Department of Computer Science, University of New Mexico, NM, USA.
IET Syst Biol. 2009 Sep;3(5):404-13. doi: 10.1049/iet-syb.2008.0161.
Cellular networks inferred from condition-specific microarray data can capture the functional rewiring of cells in response to different environmental conditions. Unfortunately, many algorithms for inferring cellular networks do not scale to whole-genome data with thousands of variables. We propose a novel approach for scalable learning of large networks: cluster and infer networks (CIN). CIN learns network structures in two steps: (a) partition variables into smaller clusters, and (b) learn networks per cluster. We optionally revisit the cluster assignment of variables with poor neighbourhoods. Results on networks with known topologies suggest that CIN has substantial speed benefits, without substantial performance loss. We applied our approach to microarray compendia of glucose-starved yeast cells. The inferred networks had significantly higher number of subgraphs representing meaningful biological dependencies than random graphs. Analysis of subgraphs identified biological processes that agreed well with existing information about yeast populations under glucose starvation, and also implicated novel pathways that were previously not known to be associated with these populations. [Includes supplementary material].

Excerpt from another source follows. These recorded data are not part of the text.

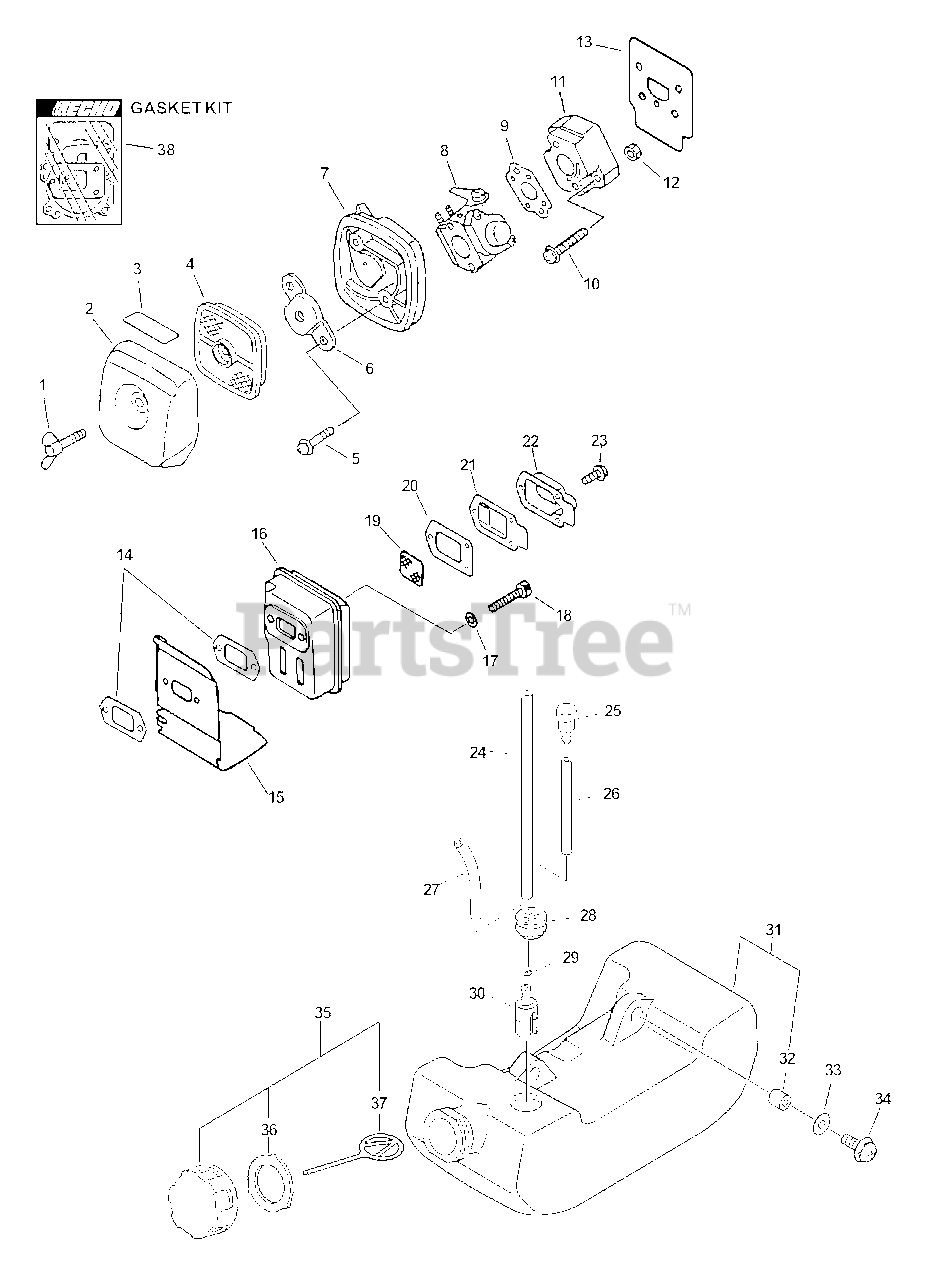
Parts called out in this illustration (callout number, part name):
1	THUMBSCREW
2	COVER, AIR FILTER - GRAY
3	LABEL - CHOKE
4	FILTER, AIR - SINGLE LAYER
5	SCREW - 5X65
6	PLATE, PREVENT
7	AIR FILTER CASE KIT - GRAY
8	CARBURETOR C1U-K52
9	GASKET, INTAKE
10	SCREW - 5X20
11	INSULATOR, INTAKE
13	SHIELD, INTAKE
14	GASKET, EXHAUST
15	SHIELD, EXHAUST
17	WASHER - 5
18	SCREW - 5X55
19	SCREEN, SPARK ARRESTOR
20	GASKET, EXHAUST
21	GUIDE, EXHAUST - OUTER
22	GASKET, EXHAUST - INNER
23	SCREW - 4X10
24	PIPE - 3X5X180 -- BLACK
25	VENT, FUEL TANK
26	PIPE - 3X5X70 -- BLACK
27	PIPE - 3X6X90 -- CLEAR
28	GROMMET
29	CLIP - 6
30	FILTER, FUEL
31	FUEL TANK ASSY
33	WASHER - 5
34	SCREW - 5X16
35	CAP ASSY - ORANGE
36	GASKET, CAP
37	CONNECTOR, CAP
38	GASKET KIT

从特定条件下的微阵列数据推断出的细胞网络可以捕获细胞对不同环境条件的功能重排。不幸的是,许多用于推断细胞网络的算法无法扩展到具有数千个变量的全基因组数据。我们提出了一种用于大规模网络可扩展学习的新方法:聚类和推断网络(CIN)。CIN 通过两步学习网络结构:(a)将变量划分为更小的簇,以及(b)学习每个簇的网络。我们可以选择重新访问具有不良邻域的变量的聚类分配。在具有已知拓扑结构的网络上的结果表明,CIN 具有实质性的速度优势,而没有实质性的性能损失。我们将我们的方法应用于葡萄糖饥饿酵母细胞的微阵列汇编。推断出的网络具有明显更高数量的子图,表示有意义的生物学依赖性,而不是随机图。对子图的分析确定了与葡萄糖饥饿下酵母种群相关的生物学过程,并且还涉及到以前不知道与这些种群相关的新途径。[包括补充材料]。